I believe that responsible technologists must plan for failure, and, furthermore, that they must plan for failure in two distinct ways.

They must plan for the failures that they know may happen. There are well documented and understood ways in which computer systems may fail, ranging from hardware failure, to software faults, to malicious cyber attacks, to catastrophic environmental failures which destroy entire facilities. And there are well established ways to to deal with these types of failure. We deploy systems on multiple machines. We test software and have rollback mechanisms and incident processes. We erect network defences, monitoring regimes and many other security controls.
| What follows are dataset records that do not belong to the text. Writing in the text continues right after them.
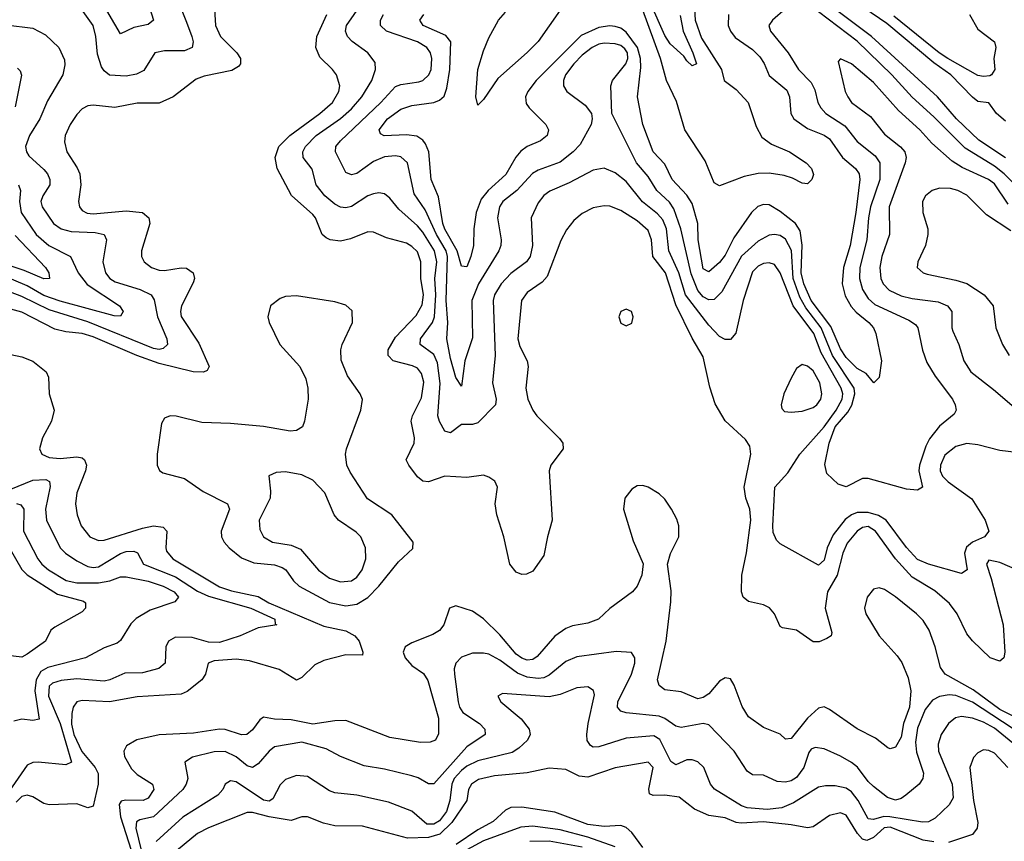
# Model space of a CAD drawing. Header units: inches. Extents: x 1308407 to 1441228, y 959628 to 1036311.
# Tile 489 of 656: x 1393863 to 1397446, y 991262 to 994251. Entities that reach past the tile are written whole.
import ezdxf

# ---------------------------------------------------------------- set-up
doc = ezdxf.new("R2010")
doc.units = ezdxf.units.IN
doc.header["$MEASUREMENT"] = 0
doc.layers.add('B3999', color=7, linetype='Continuous')

msp = doc.modelspace()

# ---------------------------------------------------------------- linework, layer by layer
at = {"layer": 'B3999', "color": 5}
for points, elevation in [([(1397450, 993882.3), (1397417.9, 993910), (1397390, 993948.5), (1397350, 993953.9), (1397330, 993969.1), (1397250.8, 994050.8), (1397190, 994094.4), (1397017.8, 994237.8), (1396710, 994447.9)], 2680), ([(1396266.2, 994266.2), (1396276.7, 994210), (1396312.7, 994130), (1396325.5, 994090), (1396310, 994082.7), (1396290, 994101.3), (1396279, 994119), (1396230, 994163), (1396210, 994193.6), (1396105.8, 994430)], 2660), ([(1394317.9, 994350), (1394349.2, 994250), (1394330, 994233.2), (1394277.5, 994222.5), (1394230, 994199.1), (1394159.5, 994319.5)], 2740), ([(1397450, 993748.4), (1397353.1, 993813.1), (1397272, 993890), (1397202.5, 993970), (1396962.1, 994190), (1396778.7, 994330)], 2720), ([(1394570.1, 994309.9), (1394575, 994230), (1394593.5, 994190), (1394653, 994130), (1394666.2, 994110), (1394666.7, 994090), (1394659.2, 994080.8), (1394634.3, 994065.7), (1394534.4, 994045.6), (1394505, 994035), (1394421.2, 993970), (1394370, 993947.9), (1394290, 993947.6), (1394208.3, 993931.6), (1394130, 993940.2), (1394110, 993937.3), (1394090, 993927), (1394070, 993906.2), (1394046.2, 993870), (1394028.1, 993830), (1394026.2, 993806.2), (1394034.2, 993770), (1394072.1, 993712.1), (1394081.5, 993690), (1394084.7, 993650), (1394077, 993590), (1394080.1, 993570), (1394090, 993556.9), (1394107.6, 993547.6), (1394130, 993545.2), (1394250, 993556.3), (1394309.6, 993549.6), (1394332.9, 993530), (1394335.8, 993510), (1394305.4, 993410), (1394305.6, 993390), (1394315.3, 993370), (1394341.7, 993350), (1394370, 993340.4), (1394390, 993338.8), (1394450, 993348.9), (1394470, 993346.6), (1394494.5, 993330), (1394498.4, 993310), (1394494.2, 993294.2), (1394451.9, 993210), (1394447.5, 993190), (1394450, 993170.8), (1394514.4, 993074.4), (1394552, 992990), (1394545.4, 992974.6), (1394531.6, 992968.4), (1394494.5, 992970), (1394370, 992999.8), (1394289, 993029), (1394130, 993097.5), (1394090, 993109.1), (1394030, 993115.6), (1393990, 993125.8), (1393870, 993187.5), (1393757.8, 993217.8)], 2780), ([(1394450, 994290.2), (1394470, 994242.7), (1394489.6, 994190), (1394493.8, 994170), (1394490.2, 994150), (1394462.2, 994137.8), (1394390, 994138.2), (1394354.6, 994130), (1394313.9, 994066.1), (1394287.2, 994052.8), (1394250, 994046.2), (1394190, 994049.9), (1394170, 994064.8), (1394160.1, 994080.1), (1394145.7, 994125.7), (1394139.6, 994190), (1394130, 994229.6), (1394087.9, 994290)], 2760), ([(1397490, 992676.9), (1397430, 992683.6), (1397350, 992704.3), (1397310, 992709.2), (1397270, 992698.8), (1397230, 992667.3), (1397213.7, 992630), (1397212.9, 992610), (1397221.3, 992590), (1397241.7, 992570), (1397327.6, 992507.6), (1397376.6, 992430), (1397389.3, 992390), (1397373.4, 992370), (1397329.8, 992350.2), (1397307.9, 992332.1), (1397300.6, 992310), (1397310.6, 992249.4), (1397290, 992236.8), (1397169.6, 992270), (1397130, 992286.7), (1397090, 992330.6), (1397016, 992430), (1396987.6, 992447.6), (1396950, 992458.3), (1396910, 992458), (1396890, 992449.9), (1396867.2, 992432.8), (1396823.6, 992376.4), (1396800.9, 992330), (1396790, 992285.1), (1396770, 992266.6), (1396630, 992344.7), (1396617, 992357), (1396605, 992385), (1396603.2, 992410), (1396611.3, 992550), (1396658, 992602), (1396701.2, 992670), (1396790, 992770.4), (1396833.9, 992830), (1396855.3, 992870), (1396857.9, 992890), (1396852.7, 992910), (1396779.3, 993039.3), (1396752.9, 993110), (1396677.6, 993210), (1396630, 993329.8), (1396610, 993360.9), (1396590, 993366.9), (1396570, 993363.9), (1396550, 993354.1), (1396530, 993333.7), (1396495.3, 993230), (1396468.9, 993111.1), (1396450, 993087.7), (1396430, 993087.5), (1396410, 993098.7), (1396370, 993139.7), (1396285.2, 993250), (1396260.9, 993330), (1396224.6, 993410), (1396216.7, 993490), (1396202.8, 993522.8), (1396184.3, 993544.3), (1396129, 993589), (1396070, 993662.2), (1396030, 993693.7), (1395990, 993711.3), (1395950, 993703.4), (1395862.9, 993657.1), (1395792.2, 993627.8), (1395770, 993612.1), (1395750, 993585.1), (1395723.7, 993530), (1395729.1, 993430), (1395719.8, 993390), (1395706.8, 993370), (1395650, 993327.2), (1395614.8, 993290), (1395591.1, 993250), (1395585.5, 993230), (1395593.3, 993030), (1395582.8, 992930), (1395596.2, 992870), (1395594.6, 992850), (1395530, 992784.4), (1395510, 992777.9), (1395470, 992778.7), (1395430, 992747.7), (1395410, 992754), (1395390, 992789.7), (1395384.6, 992810), (1395392.7, 992927.3), (1395382.6, 993002.6), (1395370, 993033.2), (1395320.3, 993070), (1395321.5, 993090), (1395365.5, 993150), (1395372.8, 993170), (1395376.9, 993250), (1395373.2, 993310), (1395380.2, 993370), (1395372.6, 993410), (1395330, 993478.4), (1395310, 993501.5), (1395242.1, 993562.1), (1395210, 993601.5), (1395190, 993617.7), (1395170, 993621.7), (1395150, 993618.1), (1395130, 993609.9), (1395070, 993570.9), (1395050, 993566.1), (1395030, 993569.3), (1395010, 993580.2), (1394973.5, 993610), (1394941.7, 993650), (1394927.3, 993707.3), (1394894.7, 993750), (1394893.4, 993770), (1394902.9, 993790), (1394941.6, 993830), (1395030, 993891.1), (1395070, 993926.7), (1395107.7, 993970), (1395143.8, 994030), (1395158, 994070), (1395155.8, 994095.8), (1395129.8, 994130), (1395072.2, 994172.2), (1395055.2, 994190), (1395048.8, 994210), (1395051.7, 994230), (1395107.7, 994310)], 2760), ([(1396649.1, 994290.9), (1396602.8, 994250), (1396589.4, 994230.6), (1396595.2, 994210), (1396658.9, 994130), (1396697.3, 994070), (1396743, 994023), (1396755.8, 993995.8), (1396766.8, 993950), (1396777.6, 993930), (1396796.6, 993910), (1396865.4, 993865.4), (1396910, 993807.6), (1396975.8, 993755.8), (1396992.8, 993730), (1396992.7, 993670), (1396958.5, 993570), (1396951.1, 993530), (1396946, 993450), (1396919.7, 993350), (1396918.5, 993310), (1396929.4, 993270), (1396950, 993236.8), (1396974.6, 993214.6), (1397098.5, 993158.5), (1397122.4, 993142.4), (1397130.8, 993130), (1397148.3, 993048.3), (1397164.1, 993004.1), (1397193.8, 992953.8), (1397257.3, 992870), (1397267.2, 992850), (1397270.3, 992830), (1397263.9, 992816.1), (1397210, 992772.9), (1397173.9, 992726.1), (1397160.4, 992699.6), (1397136.9, 992630), (1397134.5, 992610), (1397148.5, 992550), (1397130, 992539.3), (1397090, 992543.1), (1396950, 992582.4), (1396930, 992582.4), (1396870, 992551.2), (1396841.3, 992561.3), (1396800.2, 992600.2), (1396792.3, 992632.3), (1396808.3, 992710), (1396830.5, 992770), (1396876.8, 992823.2), (1396891.3, 992848.7), (1396902.3, 992890), (1396899.7, 992910), (1396820.9, 993030), (1396779.4, 993130), (1396723.1, 993203.1), (1396701.4, 993241.4), (1396677.2, 993310), (1396671.4, 993411.4), (1396650, 993452.6), (1396630, 993466.4), (1396610, 993469.9), (1396590, 993467.8), (1396550, 993445.8), (1396489.7, 993390.3), (1396418.4, 993261.6), (1396390, 993232.8), (1396370, 993231.9), (1396350, 993242.7), (1396330, 993265.3), (1396306.6, 993326.6), (1396268.8, 993490), (1396243.4, 993563.4), (1396227.8, 993587.8), (1396181.2, 993630), (1396150, 993680.2), (1396107.2, 993730), (1396018, 993910), (1396014, 994010), (1396020.2, 994030), (1396068.7, 994090), (1396076.4, 994110), (1396074.7, 994130), (1396064.9, 994144.9), (1396050, 994157.4), (1396030, 994163.8), (1395990, 994165.6), (1395970, 994161.8), (1395945.9, 994150), (1395910, 994122), (1395879.1, 994090), (1395849, 994050), (1395841.7, 994030), (1395841.8, 994010), (1395854, 993990), (1395920.5, 993940.5), (1395943.6, 993910), (1395946.5, 993890), (1395942.3, 993870), (1395902.4, 993797.6), (1395877.3, 993770), (1395830, 993732.5), (1395750, 993704.1), (1395728.4, 993691.6), (1395671.7, 993630), (1395620.4, 993590), (1395608.8, 993570), (1395601.4, 993530), (1395615.4, 993450), (1395614.1, 993430), (1395605.9, 993410), (1395532.1, 993290), (1395508.4, 993230), (1395510, 993094), (1395482.3, 993010), (1395470, 992918), (1395450, 992949.5), (1395430, 993018.3), (1395416.5, 993090), (1395421.3, 993150), (1395415.2, 993230), (1395419.9, 993390), (1395414.8, 993410), (1395379.9, 993470), (1395338.8, 993558.8), (1395298, 993618), (1395274.5, 993730), (1395250, 993752.7), (1395230, 993756.4), (1395190, 993752.7), (1395150, 993735.4), (1395090, 993691.5), (1395070, 993686.5), (1395050, 993695), (1395011.5, 993770), (1395013.4, 993790), (1395029.9, 993810), (1395177.4, 993950), (1395230, 994007.7), (1395250, 994015.1), (1395315.5, 994024.5), (1395330, 994030.1), (1395351.5, 994050), (1395360.2, 994070), (1395362.2, 994110), (1395357.1, 994130), (1395343.9, 994150), (1395310.2, 994170.2), (1395197.2, 994210), (1395176.1, 994230), (1395175.6, 994250), (1395187.1, 994270)], 2740), ([(1396317.9, 994290), (1396321, 994250), (1396343.8, 994183.8), (1396417, 994070), (1396426, 994030), (1396470, 993996.7), (1396513.2, 993950), (1396543.1, 993863.1), (1396564, 993824), (1396598.7, 993798.7), (1396664.6, 993770), (1396724.2, 993730), (1396744.7, 993710), (1396751.9, 993688.1), (1396745.5, 993670), (1396730, 993653.5), (1396710, 993656.2), (1396675, 993675), (1396644.7, 993684.7), (1396590, 993693.1), (1396550, 993691), (1396498.9, 993681.1), (1396410, 993646.3), (1396390, 993657.8), (1396357.7, 993737.7), (1396283.7, 993850), (1396253.1, 993953.1), (1396216.8, 994030), (1396194.1, 994110), (1396130, 994285.8)], 2680), ([(1397530, 992232.7), (1397430, 992276.6), (1397390, 992285.1), (1397381.5, 992270), (1397398.6, 992218.6), (1397441.4, 992050), (1397448.4, 991950), (1397444, 991930), (1397437.1, 991922.9), (1397430, 991917.6), (1397394, 991930), (1397330, 991991.9), (1397310, 992016.4), (1397274.5, 992090), (1397247, 992127), (1397192.8, 992172.8), (1397110, 992222.6), (1397050.2, 992290), (1396977.6, 992390), (1396950, 992406.8), (1396930, 992404), (1396910, 992390.8), (1396873.8, 992346.2), (1396858.2, 992310), (1396838, 992230), (1396802.5, 992170), (1396794.3, 992110), (1396817.9, 992022.2), (1396815.3, 992010), (1396800.6, 991999.4), (1396772.5, 991987.5), (1396750, 991987.3), (1396690, 992029.8), (1396638.4, 992038.4), (1396630, 992043), (1396609.4, 992090), (1396591.3, 992111.3), (1396570, 992122.9), (1396514.8, 992134.8), (1396495.8, 992150), (1396489.8, 992170), (1396490.6, 992230), (1396508, 992312), (1396523.1, 992430), (1396519.9, 992470), (1396504.7, 992510), (1396499.6, 992550), (1396523.5, 992670), (1396519.4, 992699.4), (1396504.4, 992724.4), (1396430, 992791.6), (1396393.6, 992853.6), (1396374.7, 992914.7), (1396350, 993025.1), (1396310, 993092.5), (1396250, 993213.6), (1396213.4, 993330), (1396166.2, 993390), (1396161.4, 993450), (1396150, 993484.1), (1396110, 993519.7), (1396050, 993556.5), (1396010, 993572.3), (1395990, 993574), (1395950, 993566.2), (1395910, 993546), (1395879.1, 993520.9), (1395853.1, 993486.9), (1395831.8, 993448.2), (1395782.8, 993317.2), (1395763.6, 993296.4), (1395710, 993259.1), (1395688.9, 993230), (1395675.7, 993090), (1395682.7, 993062.7), (1395709.5, 993009.5), (1395712.7, 992990), (1395704.4, 992910), (1395712.1, 992870), (1395730.1, 992830.1), (1395745, 992810), (1395827.2, 992727.2), (1395838.8, 992710), (1395840.2, 992690), (1395795.4, 992630), (1395789.6, 992610), (1395800.7, 992430), (1395783.1, 992370), (1395770, 992301.6), (1395730, 992244.2), (1395706.5, 992233.5), (1395690, 992232.5), (1395670, 992240.7), (1395646, 992270), (1395624.6, 992370), (1395599.2, 992450), (1395592.5, 992490), (1395601.6, 992550), (1395591.9, 992571.9), (1395570, 992586.6), (1395550, 992593.6), (1395490, 992585.6), (1395410, 992591), (1395350, 992570.4), (1395330, 992571.7), (1395310, 992588.5), (1395278.3, 992630), (1395269.1, 992650), (1395298.5, 992710), (1395299.3, 992730), (1395287.6, 992790), (1395292.1, 992810), (1395324.7, 992875.3), (1395332.8, 992932.8), (1395324.3, 992964.3), (1395310, 992983), (1395291.9, 992991.9), (1395222.3, 993010), (1395203.1, 993030), (1395203.4, 993050), (1395230, 993096.6), (1395305.1, 993174.9), (1395326.8, 993213.2), (1395332.5, 993250), (1395323, 993310), (1395322.9, 993370), (1395310, 993406), (1395290, 993426.2), (1395270, 993437.5), (1395197, 993457), (1395150, 993478.3), (1395130, 993479.5), (1395066, 993454), (1395030, 993445.3), (1394992, 993450), (1394977.4, 993457.4), (1394963.4, 993470), (1394939.4, 993530), (1394930, 993541.9), (1394851.3, 993611.2), (1394799.7, 993710), (1394792.1, 993750), (1394806.1, 993790), (1394845.3, 993830), (1394954.9, 993910), (1395000.7, 993950), (1395023.8, 993990), (1395027.2, 994010), (1395015.7, 994050), (1395001.2, 994070), (1394955.1, 994115.1), (1394940.2, 994150), (1394943.9, 994190), (1394979.9, 994270)], 2780), ([(1396441.9, 994270), (1396441.5, 994230), (1396449.3, 994210), (1396466.9, 994186.9), (1396530, 994142.8), (1396556.4, 994116.4), (1396572, 994092), (1396590, 994048.4), (1396654.4, 993994.4), (1396664, 993970), (1396669.6, 993910), (1396680.4, 993890), (1396730, 993854.8), (1396790, 993830.8), (1396810, 993817.5), (1396857.6, 993750), (1396904.5, 993710), (1396917.4, 993690), (1396920.3, 993670), (1396906.1, 993550), (1396885.1, 993430), (1396860.7, 993350), (1396856.1, 993290), (1396867, 993247), (1396888.1, 993208.1), (1396907.1, 993187.1), (1396953.3, 993150), (1396970.1, 993130), (1396978.9, 993110), (1396998.9, 993010), (1396990, 992949), (1396971, 992930), (1396943.6, 992963.6), (1396910, 992982.2), (1396870, 993022.5), (1396850, 993053.7), (1396815, 993135), (1396743.6, 993230), (1396716.3, 993290), (1396706.6, 993330), (1396710.6, 993430.6), (1396702.4, 993482.4), (1396686.3, 993510), (1396630, 993553.3), (1396590, 993577), (1396570, 993579.1), (1396548.8, 993571.2), (1396526.3, 993550), (1396462.1, 993457.9), (1396430, 993394.4), (1396410, 993367.3), (1396370, 993334), (1396350, 993344.4), (1396331.9, 993450), (1396330, 993510), (1396310, 993582.9), (1396290, 993613), (1396237.7, 993670), (1396210, 993725.6), (1396168.2, 993770), (1396130.7, 993870), (1396110.4, 993970), (1396122.9, 994077.1), (1396121.6, 994110), (1396111, 994150), (1396070, 994205.2), (1396050, 994219.9), (1396030, 994226.8), (1396010, 994228.6), (1395970, 994222.6), (1395906.3, 994193.7), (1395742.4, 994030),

And we place systems in physically separated sites, so that even floods, fires and explosions cannot stop them working. A major part of the cost of building a computer system is not just getting it to work: it’s ensuring that it keeps on working, even when bad things happen.

And yet, as the story of the millennium bug shows, this is not enough. We do not just need to protect ourselves against the types of failure we know about: we need to protect ourselves against the failures we don’t know about. These come from building technology today which will run in the future, when the environment will be very different.

Let me illustrate this with another example. A common form of attack today is known as ‘crypto-jacking’. The motivation for this attack is the increasing price of bitcoin, and the increasing quantity of computational power required to ‘mine’ bitcoin. I won’t attempt to explain bitcoin mining here (that might be the subject of another article). For now it’s enough to say that the phenomenon of crypto currency has made it very lucrative for attackers to take control of computing resources, particularly when somebody else is paying the bill. So, these attackers find various ways to penetrate computer networks and steal processing power - a bit like someone stealing electricity from the grid (another thing that bitcoin miners sometimes do).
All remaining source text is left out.